Limitations and When Not to Use This
The paper has several important limitations: first, the abstract is truncated and doesn't specify the full extent of cross-persona variation or which persona dimensions did produce differentiation (e.g., did gender induce more variation than economic status?). Second, the study is limited to the PerceptSent dataset and urban scene analysis—results may not generalize to other domains, image types, or tasks where persona effects could be stronger. Third, the paper doesn't explore whether more sophisticated persona engineering (e.g., longer, richer persona descriptions; few-shot examples per persona; fine-tuning) could improve cross-persona differentiation, leaving open whether the limitation is fundamental or due to the prompting approach.
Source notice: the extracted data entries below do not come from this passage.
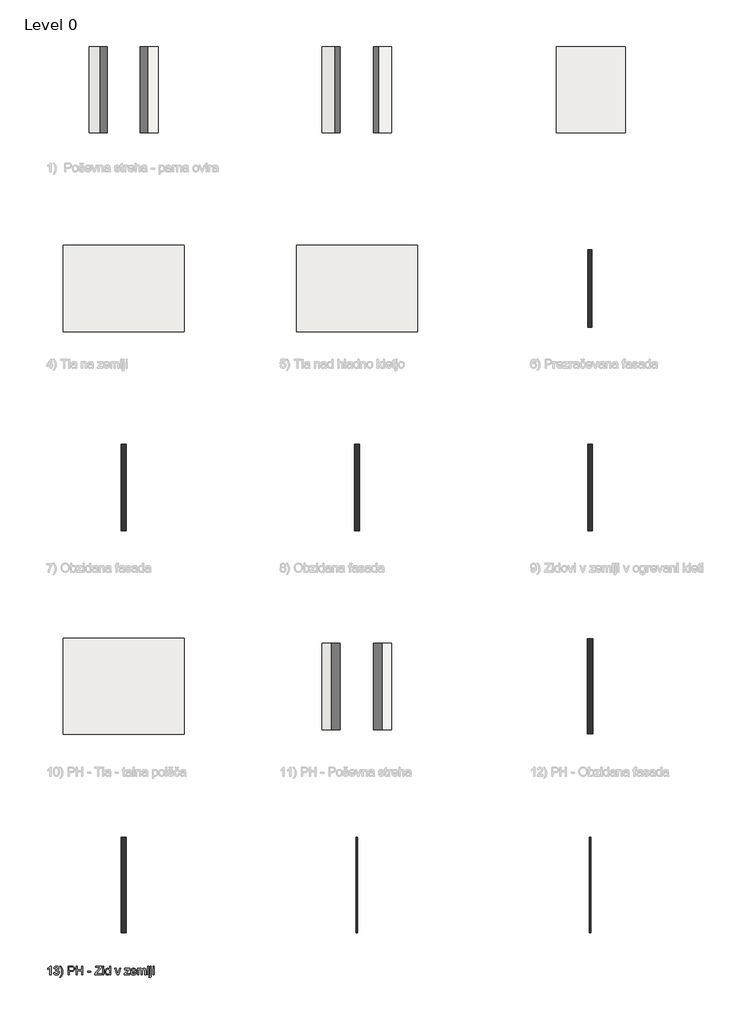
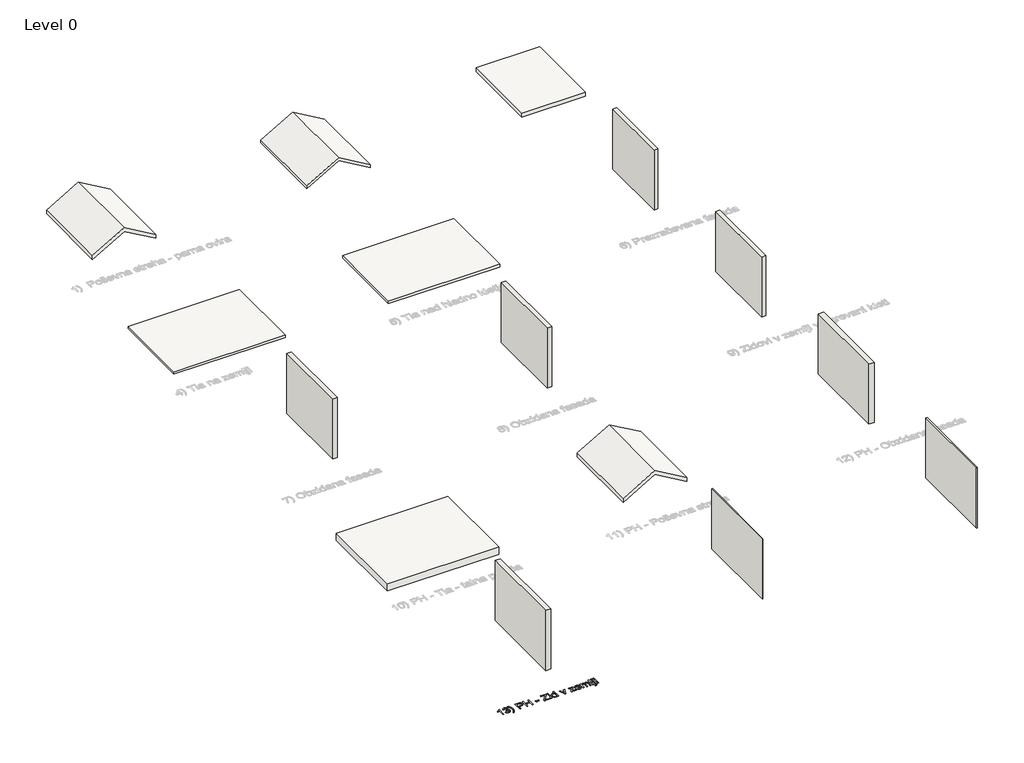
# One storey, part 1 of 11: 8 walls, 4 roofs, 3 slabs, 1 proxy.
"""IFC4 building model written with IfcOpenShell, lengths in millimetres."""

import ifcopenshell
import ifcopenshell.guid

model = None  # the IFC model being written
_history = None  # IfcOwnerHistory: only IFC2X3 demands one
_inside = {}  # id of a spatial element -> (the spatial element, [elements in it])
_under = {}  # id of a project, library or spatial element -> (it, [spatial elements below it])
_declared = {}  # id of a project -> (the project, [libraries it declares])
_typed = {}  # id of a type object -> (the type object, [elements of that type])
_made_of = {}  # id of a material, layer set ... -> (it, [elements and type objects made of it])


def new_model(schema):
    """Start an empty IFC model of exactly this schema.

    Asked for "IFC4X3", IfcOpenShell would pick the latest addendum, in which some entities
    have other attributes; the version numbers below select the first issue.
    IFC2X3 requires an IfcOwnerHistory on every rooted entity: one is made here for all.
    """
    global model, _history
    if schema == "IFC4X3":
        model = ifcopenshell.file(schema_version=(4, 3, 0, 0))
    else:
        model = ifcopenshell.file(schema=schema)
    _inside.clear()
    _under.clear()
    _declared.clear()
    _typed.clear()
    _made_of.clear()
    _history = None
    if model.schema == "IFC2X3":
        org = make("IfcOrganization", Name="unknown")
        user = make(
            "IfcPersonAndOrganization",
            ThePerson=make("IfcPerson", FamilyName="unknown"),
            TheOrganization=org,
        )
        app = make(
            "IfcApplication",
            ApplicationDeveloper=org,
            Version="unknown",
            ApplicationFullName="unknown",
            ApplicationIdentifier="unknown",
        )
        _history = make(
            "IfcOwnerHistory",
            OwningUser=user,
            OwningApplication=app,
            ChangeAction="ADDED",
            CreationDate=0,
        )
    return model


def make(cls, **values):
    """One entity of the class cls with the attributes given. An attribute that is None is left unset."""
    return model.create_entity(
        cls, **{name: value for name, value in values.items() if value is not None}
    )


def rooted(cls, **values):
    """An entity with a GlobalId (a new one), such as an element, a storey or a relation."""
    return make(cls, GlobalId=ifcopenshell.guid.new(), OwnerHistory=_history, **values)


def si_unit(unit_type, name, prefix=None):
    """IfcSIUnit, for example si_unit("LENGTHUNIT", "METRE", prefix="MILLI")."""
    return make("IfcSIUnit", UnitType=unit_type, Prefix=prefix, Name=name)


def assignment(units):
    """IfcUnitAssignment: the units of a project."""
    return None if units is None else make("IfcUnitAssignment", Units=units)


def point(xyz):
    """IfcCartesianPoint."""
    return None if xyz is None else make("IfcCartesianPoint", Coordinates=xyz)


def direction(xyz):
    """IfcDirection."""
    return None if xyz is None else make("IfcDirection", DirectionRatios=xyz)


def frame(location, z_axis=None, x_axis=None):
    """IfcAxis2Placement3D, a coordinate frame: its origin and axes. An axis left out is left unset."""
    return make(
        "IfcAxis2Placement3D",
        Location=point(location),
        Axis=direction(z_axis),
        RefDirection=direction(x_axis),
    )


def origin():
    """The frame at (0, 0, 0) with its axes left unset."""
    return frame((0.0, 0.0, 0.0))


def origin_with_axes():
    """The frame at (0, 0, 0) with the z axis (0, 0, 1) and the x axis (1, 0, 0) written out."""
    return frame((0.0, 0.0, 0.0), z_axis=(0.0, 0.0, 1.0), x_axis=(1.0, 0.0, 0.0))


def place(relative_to, where):
    """IfcLocalPlacement: puts the frame where relative to a parent placement (None: the world)."""
    return make(
        "IfcLocalPlacement", PlacementRelTo=relative_to, RelativePlacement=where
    )


def context(
    kind, dimensions, precision=None, world=None, true_north=None, identifier=None
):
    """IfcGeometricRepresentationContext, for example the 3D "Model" context."""
    return make(
        "IfcGeometricRepresentationContext",
        ContextIdentifier=identifier,
        ContextType=kind,
        CoordinateSpaceDimension=dimensions,
        Precision=precision,
        WorldCoordinateSystem=world,
        TrueNorth=true_north,
    )


def project(units=None, contexts=None):
    """IfcProject with its units and contexts."""
    return rooted(
        "IfcProject",
        Name="project",
        RepresentationContexts=contexts,
        UnitsInContext=assignment(units),
    )


def spatial(cls, under=None, at=None, **own):
    """A site, building, storey or space (cls), placed at a placement, below another one or the project."""
    s = rooted(cls, ObjectPlacement=at, **own)
    if under is not None:
        _under.setdefault(under.id(), (under, []))[1].append(s)
    return s


def polyline(points):
    """IfcPolyline through the points."""
    return make("IfcPolyline", Points=[point(p) for p in points])


def outline(outer, holes=None, kind="AREA"):
    """IfcArbitraryClosedProfileDef: a profile drawn as a closed curve; with holes, ...WithVoids."""
    if holes is None:
        return make("IfcArbitraryClosedProfileDef", ProfileType=kind, OuterCurve=outer)
    return make(
        "IfcArbitraryProfileDefWithVoids",
        ProfileType=kind,
        OuterCurve=outer,
        InnerCurves=holes,
    )


def extrude(swept, where, along, depth):
    """IfcExtrudedAreaSolid: the profile swept, set in the frame where, extruded along a direction by depth."""
    return make(
        "IfcExtrudedAreaSolid",
        SweptArea=swept,
        Position=where,
        ExtrudedDirection=direction(along),
        Depth=depth,
    )


def shape(context_of_items, identifier, shape_type, items):
    """IfcShapeRepresentation: the items that make up one representation, for example the "Body"."""
    return make(
        "IfcShapeRepresentation",
        ContextOfItems=context_of_items,
        RepresentationIdentifier=identifier,
        RepresentationType=shape_type,
        Items=items,
    )


def made_of(thing, what):
    """Note that an element or type object is made of a material, layer set ...; save() writes the relation."""
    if what is not None:
        _made_of.setdefault(what.id(), (what, []))[1].append(thing)
    return thing


def element(
    cls,
    number,
    at=None,
    inside=None,
    cuts=None,
    type_object=None,
    material=None,
    context=None,
    identifier="Body",
    shape_type=None,
    held_by="IfcProductDefinitionShape",
    body=None,
    shapes=None,
    **own,
):
    """One element of the class cls, such as IfcWall. Its Tag is "e" and its number.

    at: its placement. inside: the storey or other place that contains it. cuts: it is an
    opening in that element (IfcRelVoidsElement). A single representation is given by context,
    identifier, shape_type and body (its items); several are given by shapes. held_by: the class
    of the entity that holds the representations. save() writes the other relations.
    """
    e = rooted(cls, Tag="e%d" % number, ObjectPlacement=at, **own)
    if body is not None:
        shapes = [shape(context, identifier, shape_type, body)]
    if shapes is not None:
        e.Representation = make(held_by, Representations=shapes)
    if inside is not None:
        _inside.setdefault(inside.id(), (inside, []))[1].append(e)
    if cuts is not None:
        rooted(
            "IfcRelVoidsElement", RelatingBuildingElement=cuts, RelatedOpeningElement=e
        )
    if type_object is not None:
        _typed.setdefault(type_object.id(), (type_object, []))[1].append(e)
    return made_of(e, material)


def aggregate(whole, parts):
    """IfcRelAggregates: a whole, such as a stair, and the parts it consists of."""
    return rooted("IfcRelAggregates", RelatingObject=whole, RelatedObjects=parts)


def save(model, path):
    """Write the relations noted so far, then the file.

    IfcRelAggregates (storeys below a building ...), IfcRelContainedInSpatialStructure (elements
    in a storey), IfcRelDefinesByType, IfcRelAssociatesMaterial and IfcRelDeclares: one each for
    every whole, place, type object, material and project.
    """
    for whole, parts in _under.values():
        aggregate(whole, parts)
    for where, things in _inside.values():
        rooted(
            "IfcRelContainedInSpatialStructure",
            RelatedElements=things,
            RelatingStructure=where,
        )
    for kind, things in _typed.values():
        rooted("IfcRelDefinesByType", RelatedObjects=things, RelatingType=kind)
    for what, things in _made_of.values():
        rooted("IfcRelAssociatesMaterial", RelatedObjects=things, RelatingMaterial=what)
    for by, libraries in _declared.values():
        rooted("IfcRelDeclares", RelatingContext=by, RelatedDefinitions=libraries)
    model.write(path)


model = new_model("IFC4")

# Units and contexts
model_context = context("Model", 3, world=origin())
ifc_project = project(units=[si_unit("LENGTHUNIT", "METRE", prefix="MILLI")], contexts=[model_context])

# Site, building, storey
site = spatial("IfcSite", under=ifc_project)
building = spatial("IfcBuilding", under=site)
storey = spatial("IfcBuildingStorey", under=building, Name="Level 0", Elevation=0.0)

# Proxy
placement = place(None, origin())
element("IfcBuildingElementProxy", 1, Name="1000mm Arial", ObjectType="1000mm Arial", at=placement, inside=storey, context=model_context, shape_type="SweptSolid", body=[
    extrude(outline(polyline([(-8681.6650188, -100618.9210026), (-8807.2354065, -100618.9210026), (-8807.2354065, -99836.0681169), (-8859.6585908, -99878.4665168), (-8926.1839182, -99920.8036031), (-8996.0201837, -99957.8064004), (-9058.3761818, -99984.2019336), (-9058.3761818, -99865.4986765), (-9007.4168613, -99839.9462062), (-8959.7531503, -99811.8492188), (-8915.3850488, -99781.2077143), (-8874.3125569, -99748.0216927), (-8837.7619479, -99713.8239956), (-8806.959495, -99680.1474646), (-8781.9051983, -99646.9920998), (-8762.5990577, -99614.3579011), (-8681.6650188, -99614.3579011), (-8681.6650188, -100618.9210026)])), origin_with_axes(), (0.0, 0.0, 1.0), 10.0),
    extrude(outline(polyline([(-8383.435348, -100352.0839288), (-8257.8649603, -100336.3876303), (-8245.4412788, -100379.0466133), (-8229.7526445, -100415.2983183), (-8210.7990576, -100445.1427451), (-8188.5805179, -100468.5798939), (-8162.5911878, -100486.2842149), (-8132.3252295, -100498.9301585), (-8097.782643, -100506.5177247), (-8058.9634283, -100509.0469134), (-8013.4686882, -100505.5673628), (-7972.8790414, -100495.1287112), (-7937.1944879, -100477.7309585), (-7906.4150276, -100453.3741048), (-7881.6289782, -100423.8822315), (-7863.9246572, -100391.0794203), (-7853.3020646, -100354.9656711), (-7849.7612004, -100315.5409839), (-7853.2714077, -100277.9940278), (-7863.8020298, -100243.8346517), (-7881.3530667, -100213.0628556), (-7905.9245183, -100185.6786396), (-7935.9069009, -100163.1995169), (-7969.6907308, -100147.1430006), (-8007.276008, -100137.5090909), (-8048.6627324, -100134.2977876), (-8088.3326742, -100137.7313529), (-8136.7091566, -100148.0320488), (-8122.7296408, -100022.4616611), (-8102.6187584, -100023.9331891), (-8064.0064773, -100021.6799118), (-8027.3868904, -100014.9200802), (-7992.7599976, -100003.6536941), (-7960.1257989, -99987.8807535), (-7932.4426788, -99967.432646), (-7912.6690215, -99942.1407588), (-7900.8048272, -99912.005092), (-7896.8500957, -99877.0256457), (-7899.7165096, -99848.6297542), (-7908.3157513, -99822.7937082), (-7922.6478207, -99799.5175078), (-7942.7127178, -99778.8011529), (-7967.2994978, -99761.7942749), (-7995.1972158, -99749.6465048), (-8026.4058717, -99742.3578428), (-8060.9254656, -99739.9282888), (-8095.353089, -99742.3808354), (-8126.7763427, -99749.7384753), (-8155.1952269, -99762.0012085), (-8180.6097414, -99779.1690349), (-8202.3914212, -99801.2419547), (-8219.9118012, -99828.2199676), (-8233.1708814, -99860.1030739), (-8242.1686619, -99896.8912734), (-8367.7390496, -99881.1949749), (-8352.8551572, -99821.2455381), (-8330.7669091, -99768.4391434), (-8301.4743052, -99722.7757908), (-8264.9773456, -99684.2554802), (-8222.4256615, -99653.6752893), (-8174.9688841, -99631.8322959), (-8122.6070134, -99618.7264998), (-8065.3400495, -99614.3579011), (-8025.0646353, -99616.5115436), (-7986.3987047, -99622.9724712), (-7949.3422579, -99633.7406837), (-7913.8952949, -99648.8161813), (-7881.291753, -99667.6241483), (-7852.76557, -99689.5897691), (-7828.3167457, -99714.7130437), (-7807.9452802, -99742.9939721), (-7791.9040924, -99773.3059156), (-7780.4461011, -99804.5222358), (-7773.5713063, -99836.6429325), (-7771.2797081, -99869.6680058), (-7773.4563432, -99900.7233775), (-7779.9862486, -99930.368535), (-7790.8694243, -99958.6034781), (-7806.1058703, -99985.4282069), (-7825.603616, -100010.2142563), (-7849.270691, -100032.3331613), (-7877.1070953, -100051.7849218), (-7909.1128289, -100068.5695378), (-7867.266252, -100081.6600055), (-7830.5087093, -100100.3300167), (-7798.8402009, -100124.5795716), (-7772.2607267, -100154.40867), (-7751.2301393, -100189.0815481), (-7736.2082912, -100227.8624417), (-7727.1951823, -100270.751351), (-7724.1908127, -100317.7482759), (-7730.1995519, -100381.4531747), (-7737.710476, -100411.4202289), (-7748.2257697, -100440.1303529), (-7761.745433, -100467.5835468), (-7778.269466, -100493.7798106), (-7820.3306407, -100542.4015476), (-7845.1588433, -100564.0146148), (-7871.573537, -100582.7459397), (-7899.5747218, -100598.5955224), (-7929.1623977, -100611.5633627), (-7960.3365646, -100621.6494607), (-7993.0972227, -100628.8538165), (-8063.3780122, -100634.6173011), (-8126.8989701, -100629.6968794), (-8184.7790706, -100614.9356143), (-8237.0183139, -100590.3335059), (-8283.6167, -100555.8905541), (-8322.6888336, -100513.6301099), (-8352.3493194, -100465.5755243), (-8372.5981576, -100411.7267972), (-8383.435348, -100352.0839288)])), origin_with_axes(), (0.0, 0.0, 1.0), 10.0),
    extrude(outline(polyline([(-7551.5315296, -100901.4543749), (-7645.7093204, -100901.4543749), (-7594.205841, -100821.0644947), (-7549.5694923, -100740.6592862), (-7511.8002741, -100660.2387492), (-7480.8981865, -100579.8028838), (-7456.8632295, -100499.35169), (-7439.6954031, -100418.8851677), (-7429.3947072, -100338.4033171), (-7425.9611419, -100257.906138), (-7427.9385076, -100195.1209442), (-7433.8706048, -100132.581005), (-7443.7574334, -100070.2863205), (-7457.5989935, -100008.2368906), (-7487.5813761, -99909.7058296), (-7527.4965726, -99815.2214705), (-7571.27453, -99734.8392545), (-7645.7093204, -99614.3579011), (-7551.5315296, -99614.3579011), (-7489.3901293, -99698.4495938), (-7435.8939558, -99782.7252276), (-7391.0430092, -99867.1848023), (-7354.8372895, -99951.828318), (-7331.0169303, -100025.6346433), (-7314.0023881, -100101.1270944), (-7303.7936627, -100178.3056713), (-7300.3907542, -100257.170374), (-7304.9662865, -100346.902924), (-7318.6928835, -100435.1026323), (-7341.5705451, -100521.769499), (-7373.5992713, -100606.9035241), (-7412.1732313, -100688.5886554), (-7454.6865944, -100764.908841), (-7501.1393605, -100835.8640808), (-7551.5315296, -100901.4543749)])), origin_with_axes(), (0.0, 0.0, 1.0), 10.0),
    extrude(outline(polyline([(-6703.9314127, -100618.9210026), (-6703.9314127, -99614.3579011), (-6331.6348336, -99614.3579011), (-6244.9373101, -99616.7491341), (-6181.5389796, -99623.922833), (-6146.5978542, -99631.4567497), (-6114.6151133, -99641.7957666), (-6085.5907567, -99654.9398837), (-6059.5247845, -99670.889101), (-6036.1412852, -99689.9729795), (-6015.1643472, -99712.5210802), (-5996.5939707, -99738.5334029), (-5980.4301555, -99768.0099478), (-5967.3396879, -99799.9773603), (-5957.9893538, -99833.4622861), (-5952.3791534, -99868.4647251), (-5950.5090866, -99904.9846773), (-5955.5597998, -99966.6508967), (-5970.7119395, -100023.3813661), (-5995.9655056, -100075.1760853), (-6031.3204982, -100122.0350544), (-6053.5562823, -100142.8433798), (-6079.8579289, -100160.8772618), (-6110.225438, -100176.1367004), (-6144.6588095, -100188.6216956), (-6183.1580436, -100198.3322474), (-6225.72314, -100205.2683559), (-6323.0509204, -100210.8172426), (-6578.361025, -100210.8172426), (-6578.361025, -100618.9210026), (-6703.9314127, -100618.9210026)]), holes=[polyline([(-6578.361025, -100085.2468549), (-6315.6932805, -100085.2468549), (-6255.2993196, -100082.3651126), (-6204.3476633, -100073.7198857), (-6162.8383115, -100059.3111743), (-6130.7712642, -100039.1389782), (-6106.8436061, -100013.7397921), (-6089.7524218, -99983.6501106), (-6079.4977112, -99948.8699336), (-6076.0794743, -99909.3992612), (-6078.095161, -99880.091329), (-6084.1422213, -99852.9906886), (-6094.2206552, -99828.0973403), (-6108.3304625, -99805.4112839), (-6125.720551, -99785.6682835), (-6145.6398282, -99769.6041031), (-6168.0882941, -99757.2187426), (-6193.0659487, -99748.512202), (-6241.5037448, -99742.0742671), (-6318.6363364, -99739.9282888), (-6578.361025, -99739.9282888), (-6578.361025, -100085.2468549)])]), origin_with_axes(), (0.0, 0.0, 1.0), 10.0),
    extrude(outline(polyline([(-5777.8498035, -100618.9210026), (-5777.8498035, -99614.3579011), (-5652.2794158, -99614.3579011), (-5652.2794158, -100022.4616611), (-5118.6052682, -100022.4616611), (-5118.6052682, -99614.3579011), (-4993.0348805, -99614.3579011), (-4993.0348805, -100618.9210026), (-5118.6052682, -100618.9210026), (-5118.6052682, -100148.0320488), (-5652.2794158, -100148.0320488), (-5652.2794158, -100618.9210026), (-5777.8498035, -100618.9210026)])), origin_with_axes(), (0.0, 0.0, 1.0), 10.0),
    extrude(outline(polyline([(-4459.3607328, -100320.6913318), (-4459.3607328, -100195.1209442), (-4066.9532713, -100195.1209442), (-4066.9532713, -100320.6913318), (-4459.3607328, -100320.6913318)])), origin_with_axes(), (0.0, 0.0, 1.0), 10.0),
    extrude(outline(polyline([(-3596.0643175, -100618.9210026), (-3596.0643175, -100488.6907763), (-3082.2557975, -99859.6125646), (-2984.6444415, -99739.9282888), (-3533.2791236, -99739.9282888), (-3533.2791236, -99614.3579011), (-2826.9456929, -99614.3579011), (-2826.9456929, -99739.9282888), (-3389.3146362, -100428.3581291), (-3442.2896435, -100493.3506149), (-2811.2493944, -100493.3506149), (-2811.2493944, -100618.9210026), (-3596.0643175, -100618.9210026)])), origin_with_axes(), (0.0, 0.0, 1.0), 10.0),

Finally, the research doesn't address whether the stable within-persona behavior is actually desirable or whether it masks important natural human diversity that exists even among people with similar demographic profiles.
Research Context
This work addresses a growing concern in the LLM-as-human-proxy literature: the assumption that simple prompting techniques can reliably simulate human diversity. It builds on prior research in prompt engineering and persona-based generation, but critically examines these techniques empirically rather than taking their effectiveness for granted. The paper contributes to the evaluation and fairness literature by highlighting a gap between intended and actual behavior of LLMs under persona prompting. It opens a research direction into more robust methods for achieving behavioral diversity in multimodal models, potentially including techniques from domain adaptation, multi-task learning, or controlled generation to create more meaningful persona effects.